Various modifications will become possible for those skilled in the art after receiving the teachings of the present disclosure without departing from the scope thereof.

Claims

1. A photocopier machine comprising:

a platen for receiving an original document;

a cover plate for selectively covering said platen;

imaging means for imaging an image of said document;

a photoconductive element for receiving said image;

charging means for charging said photoconductive element;

developing means for developing the image formed on said photoconductive element;

an eraser for removing charges deposited on said photoconductive element which do not represent part of the image, said eraser being formed of a plurality of light emitting elements extending across the width of said photoconductive element; and

control means for selectively actuating said light emitting elements of said eraser so as to selectively erase charges on the photoconductive element depending upon the position of said cover plate such that charges in an area of the photoconductive element corresponding to an area outside of the border of a paper sheet to which the developed image is transferred are erased when said cover plate is down, and that charges in an area of the photoconductive element corresponding to an area inside the border of the paper sheet are erased when said cover plate is up.
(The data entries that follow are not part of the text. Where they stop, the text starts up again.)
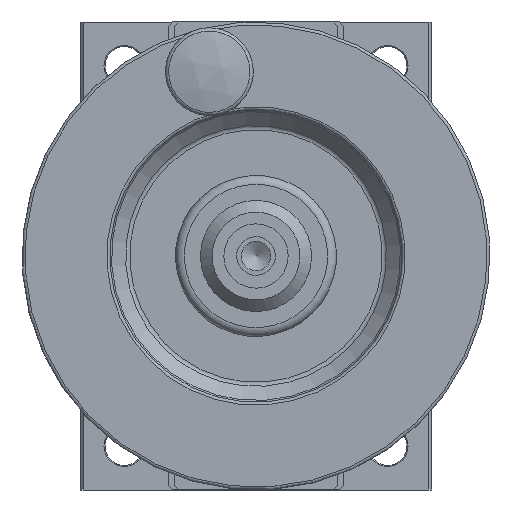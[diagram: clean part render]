
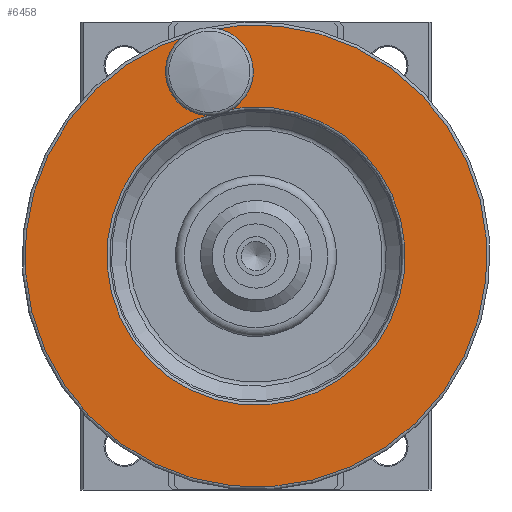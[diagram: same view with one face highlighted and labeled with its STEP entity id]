
A CAD part, left-side view. The second image highlights one B-rep face of the part: STEP entity #6458.
In plain terms, the highlighted planar face has unit normal (-1, 0, 0).
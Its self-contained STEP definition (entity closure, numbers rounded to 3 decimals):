
#818 = AXIS2_PLACEMENT_3D ( 'NONE', #9077, #12064, #6904 ) ;
#1016 = EDGE_CURVE ( 'NONE', #2532, #2532, #6403, .T. ) ;
#1154 = DIRECTION ( 'NONE',  ( 1., 0., 0. ) ) ;
#1342 = CARTESIAN_POINT ( 'NONE',  ( -101., 21.969, -8.492 ) ) ;
#1735 = AXIS2_PLACEMENT_3D ( 'NONE', #7546, #7614, #9660 ) ;
#1890 = ORIENTED_EDGE ( 'NONE', *, *, #6954, .T. ) ;
#2456 = VERTEX_POINT ( 'NONE', #5316 ) ;
#2532 = VERTEX_POINT ( 'NONE', #8436 ) ;
#2724 = EDGE_LOOP ( 'NONE', ( #1890 ) ) ;
#3503 = FACE_BOUND ( 'NONE', #2724, .T. ) ;
#3571 = PLANE ( 'NONE',  #1735 ) ;
#3922 = VERTEX_POINT ( 'NONE', #9939 ) ;
#4369 = FACE_OUTER_BOUND ( 'NONE', #6319, .T. ) ;
#4498 = FACE_BOUND ( 'NONE', #5889, .T. ) ;
#4515 = ORIENTED_EDGE ( 'NONE', *, *, #1016, .T. ) ;
#4920 = AXIS2_PLACEMENT_3D ( 'NONE', #1342, #1154, #10158 ) ;
#4954 = DIRECTION ( 'NONE',  ( 1., 0., 0. ) ) ;
#5316 = CARTESIAN_POINT ( 'NONE',  ( -101., -10.722, -33.747 ) ) ;
#5889 = EDGE_LOOP ( 'NONE', ( #4515 ) ) ;
#6319 = EDGE_LOOP ( 'NONE', ( #11252 ) ) ;
#6402 = CIRCLE ( 'NONE', #10413, 25.5 ) ;
#6403 = CIRCLE ( 'NONE', #4920, 3.001 ) ;
#6458 = ADVANCED_FACE ( 'NONE', ( #4498, #3503, #4369 ), #3571, .F. ) ;
#6523 = CIRCLE ( 'NONE', #818, 39.5 ) ;
#6904 = DIRECTION ( 'NONE',  ( 0., -0.969, 0.245 ) ) ;
#6954 = EDGE_CURVE ( 'NONE', #2456, #2456, #6402, .T. ) ;
#7546 = CARTESIAN_POINT ( 'NONE',  ( -101., 4.192, -78.779 ) ) ;
#7614 = DIRECTION ( 'NONE',  ( 1., 0., 0. ) ) ;
#8370 = CARTESIAN_POINT ( 'NONE',  ( -101., 14., -40. ) ) ;
#8436 = CARTESIAN_POINT ( 'NONE',  ( -101., 19.06, -7.756 ) ) ;
#9077 = CARTESIAN_POINT ( 'NONE',  ( -101., 14., -40. ) ) ;
#9660 = DIRECTION ( 'NONE',  ( 0., -0.969, 0.245 ) ) ;
#9939 = CARTESIAN_POINT ( 'NONE',  ( -101., -24.294, -30.315 ) ) ;
#10105 = EDGE_CURVE ( 'NONE', #3922, #3922, #6523, .T. ) ;
#10158 = DIRECTION ( 'NONE',  ( 0., -0.969, 0.245 ) ) ;
#10413 = AXIS2_PLACEMENT_3D ( 'NONE', #8370, #4954, #12175 ) ;
#11252 = ORIENTED_EDGE ( 'NONE', *, *, #10105, .T. ) ;
#12064 = DIRECTION ( 'NONE',  ( -1., 0., 0. ) ) ;
#12175 = DIRECTION ( 'NONE',  ( 0., -0.969, 0.245 ) ) ;

2. The photocopier machine as claimed in claim 1, further comprising inhibiting means for preventing said selective actuation of the light emitting elements of said eraser depending upon the position of said cover plate.

3. The photocopier machine as claimed in claim 1, further comprising a reed microswitch and a magnet placed on said platen and cover plate so as to determine the position of said cover plate, said microswitch being connected to said control means.